YOUR INSTRUCTIONS:
Would you copy each line of the records that includes the word "points"?
[SOURCE DATA — start]
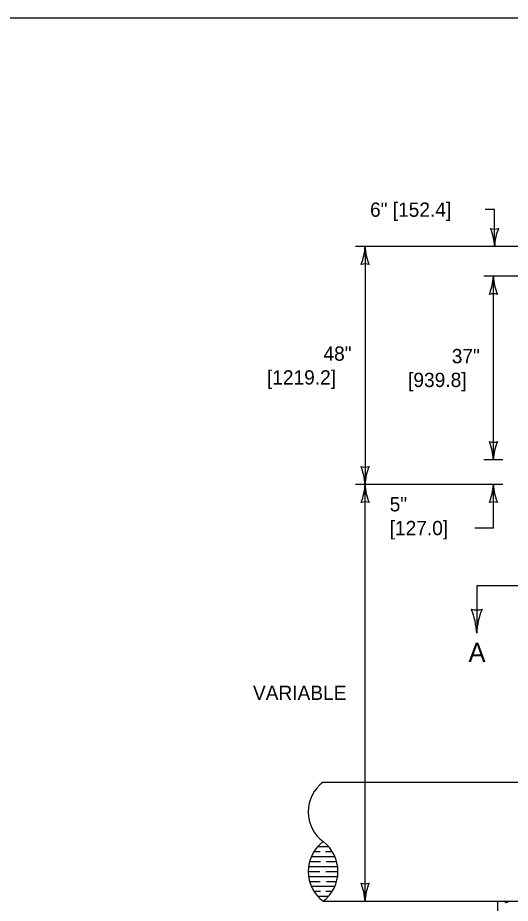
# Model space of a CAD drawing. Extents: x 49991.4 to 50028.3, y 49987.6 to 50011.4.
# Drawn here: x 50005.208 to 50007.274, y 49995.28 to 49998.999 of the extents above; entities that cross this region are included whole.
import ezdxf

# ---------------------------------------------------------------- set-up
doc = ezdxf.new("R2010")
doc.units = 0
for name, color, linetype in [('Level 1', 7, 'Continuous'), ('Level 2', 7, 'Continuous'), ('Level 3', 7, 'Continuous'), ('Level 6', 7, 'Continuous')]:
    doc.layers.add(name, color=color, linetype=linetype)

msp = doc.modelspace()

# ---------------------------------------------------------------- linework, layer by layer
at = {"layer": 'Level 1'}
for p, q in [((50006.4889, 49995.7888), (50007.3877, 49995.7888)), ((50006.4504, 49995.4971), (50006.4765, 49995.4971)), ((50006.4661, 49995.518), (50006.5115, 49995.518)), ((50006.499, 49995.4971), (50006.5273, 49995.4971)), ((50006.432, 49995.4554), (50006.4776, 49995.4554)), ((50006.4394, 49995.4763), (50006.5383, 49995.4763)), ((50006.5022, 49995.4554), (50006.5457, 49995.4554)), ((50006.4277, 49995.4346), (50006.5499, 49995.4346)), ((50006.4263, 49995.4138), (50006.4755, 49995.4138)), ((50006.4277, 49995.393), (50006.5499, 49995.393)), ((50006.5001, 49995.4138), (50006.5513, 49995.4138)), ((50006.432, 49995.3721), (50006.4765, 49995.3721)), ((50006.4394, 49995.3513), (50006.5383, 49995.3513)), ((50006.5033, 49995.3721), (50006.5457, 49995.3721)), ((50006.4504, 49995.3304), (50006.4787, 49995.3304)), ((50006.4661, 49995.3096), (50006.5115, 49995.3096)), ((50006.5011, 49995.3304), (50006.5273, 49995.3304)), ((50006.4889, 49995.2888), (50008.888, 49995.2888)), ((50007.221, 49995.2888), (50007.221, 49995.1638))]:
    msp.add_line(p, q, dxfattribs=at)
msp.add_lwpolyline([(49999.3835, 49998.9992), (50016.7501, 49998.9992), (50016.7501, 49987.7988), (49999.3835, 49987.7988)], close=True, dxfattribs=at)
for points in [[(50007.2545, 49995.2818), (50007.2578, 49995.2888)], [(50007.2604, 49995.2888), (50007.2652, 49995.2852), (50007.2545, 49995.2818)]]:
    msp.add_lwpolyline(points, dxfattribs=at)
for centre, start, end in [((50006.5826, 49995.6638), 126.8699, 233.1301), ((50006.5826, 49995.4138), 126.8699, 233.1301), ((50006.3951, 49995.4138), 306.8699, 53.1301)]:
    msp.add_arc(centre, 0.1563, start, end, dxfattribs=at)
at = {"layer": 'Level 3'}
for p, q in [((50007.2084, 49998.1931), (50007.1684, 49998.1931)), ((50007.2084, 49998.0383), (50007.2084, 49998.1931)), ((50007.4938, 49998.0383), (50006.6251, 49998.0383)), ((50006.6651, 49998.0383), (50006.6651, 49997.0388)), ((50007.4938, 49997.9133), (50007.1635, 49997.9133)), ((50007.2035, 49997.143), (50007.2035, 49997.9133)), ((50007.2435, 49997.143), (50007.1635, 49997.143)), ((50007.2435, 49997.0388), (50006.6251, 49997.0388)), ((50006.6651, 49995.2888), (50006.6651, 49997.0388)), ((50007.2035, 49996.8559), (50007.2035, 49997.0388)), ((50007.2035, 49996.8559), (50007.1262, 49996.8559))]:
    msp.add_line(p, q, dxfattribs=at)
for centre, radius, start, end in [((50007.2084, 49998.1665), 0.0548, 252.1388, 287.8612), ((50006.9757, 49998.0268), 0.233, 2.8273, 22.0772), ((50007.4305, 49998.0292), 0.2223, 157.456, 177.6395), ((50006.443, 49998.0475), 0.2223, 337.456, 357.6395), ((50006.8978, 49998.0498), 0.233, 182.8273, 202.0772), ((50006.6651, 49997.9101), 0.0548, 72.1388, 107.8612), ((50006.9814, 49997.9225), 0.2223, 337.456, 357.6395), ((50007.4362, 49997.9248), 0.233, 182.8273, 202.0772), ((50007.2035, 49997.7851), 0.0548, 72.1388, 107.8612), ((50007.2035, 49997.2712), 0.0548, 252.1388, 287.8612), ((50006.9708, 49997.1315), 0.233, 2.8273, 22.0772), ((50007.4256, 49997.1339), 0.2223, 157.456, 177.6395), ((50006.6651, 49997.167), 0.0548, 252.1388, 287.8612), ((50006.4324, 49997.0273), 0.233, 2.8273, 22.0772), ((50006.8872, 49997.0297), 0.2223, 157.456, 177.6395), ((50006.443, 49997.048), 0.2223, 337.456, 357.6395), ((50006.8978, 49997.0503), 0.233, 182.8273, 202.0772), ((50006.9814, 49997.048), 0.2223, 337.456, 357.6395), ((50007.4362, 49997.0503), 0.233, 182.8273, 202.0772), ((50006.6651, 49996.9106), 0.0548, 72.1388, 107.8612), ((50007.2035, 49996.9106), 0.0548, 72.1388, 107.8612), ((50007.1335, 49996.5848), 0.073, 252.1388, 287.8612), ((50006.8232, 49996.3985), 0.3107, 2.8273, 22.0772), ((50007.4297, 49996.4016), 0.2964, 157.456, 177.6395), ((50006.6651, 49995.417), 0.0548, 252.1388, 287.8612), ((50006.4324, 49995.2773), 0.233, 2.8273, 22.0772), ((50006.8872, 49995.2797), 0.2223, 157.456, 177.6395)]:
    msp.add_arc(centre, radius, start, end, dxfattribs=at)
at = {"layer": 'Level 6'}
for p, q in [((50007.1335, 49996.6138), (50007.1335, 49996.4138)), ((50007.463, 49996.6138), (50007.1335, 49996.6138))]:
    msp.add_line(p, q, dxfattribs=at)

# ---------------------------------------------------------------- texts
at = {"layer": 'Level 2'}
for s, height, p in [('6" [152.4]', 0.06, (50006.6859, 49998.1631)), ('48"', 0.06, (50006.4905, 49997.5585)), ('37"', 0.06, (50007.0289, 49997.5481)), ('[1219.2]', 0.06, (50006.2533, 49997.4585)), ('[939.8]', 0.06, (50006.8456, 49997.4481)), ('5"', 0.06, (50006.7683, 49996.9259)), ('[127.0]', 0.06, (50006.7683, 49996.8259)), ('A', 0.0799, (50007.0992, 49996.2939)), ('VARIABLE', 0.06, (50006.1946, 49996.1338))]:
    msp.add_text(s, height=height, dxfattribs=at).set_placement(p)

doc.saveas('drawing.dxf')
[SOURCE DATA — finish]
EXERCISE SOLUTION:
for points in [[(50007.2545, 49995.2818), (50007.2578, 49995.2888)], [(50007.2604, 49995.2888), (50007.2652, 49995.2852), (50007.2545, 49995.2818)]]:
    msp.add_lwpolyline(points, dxfattribs=at)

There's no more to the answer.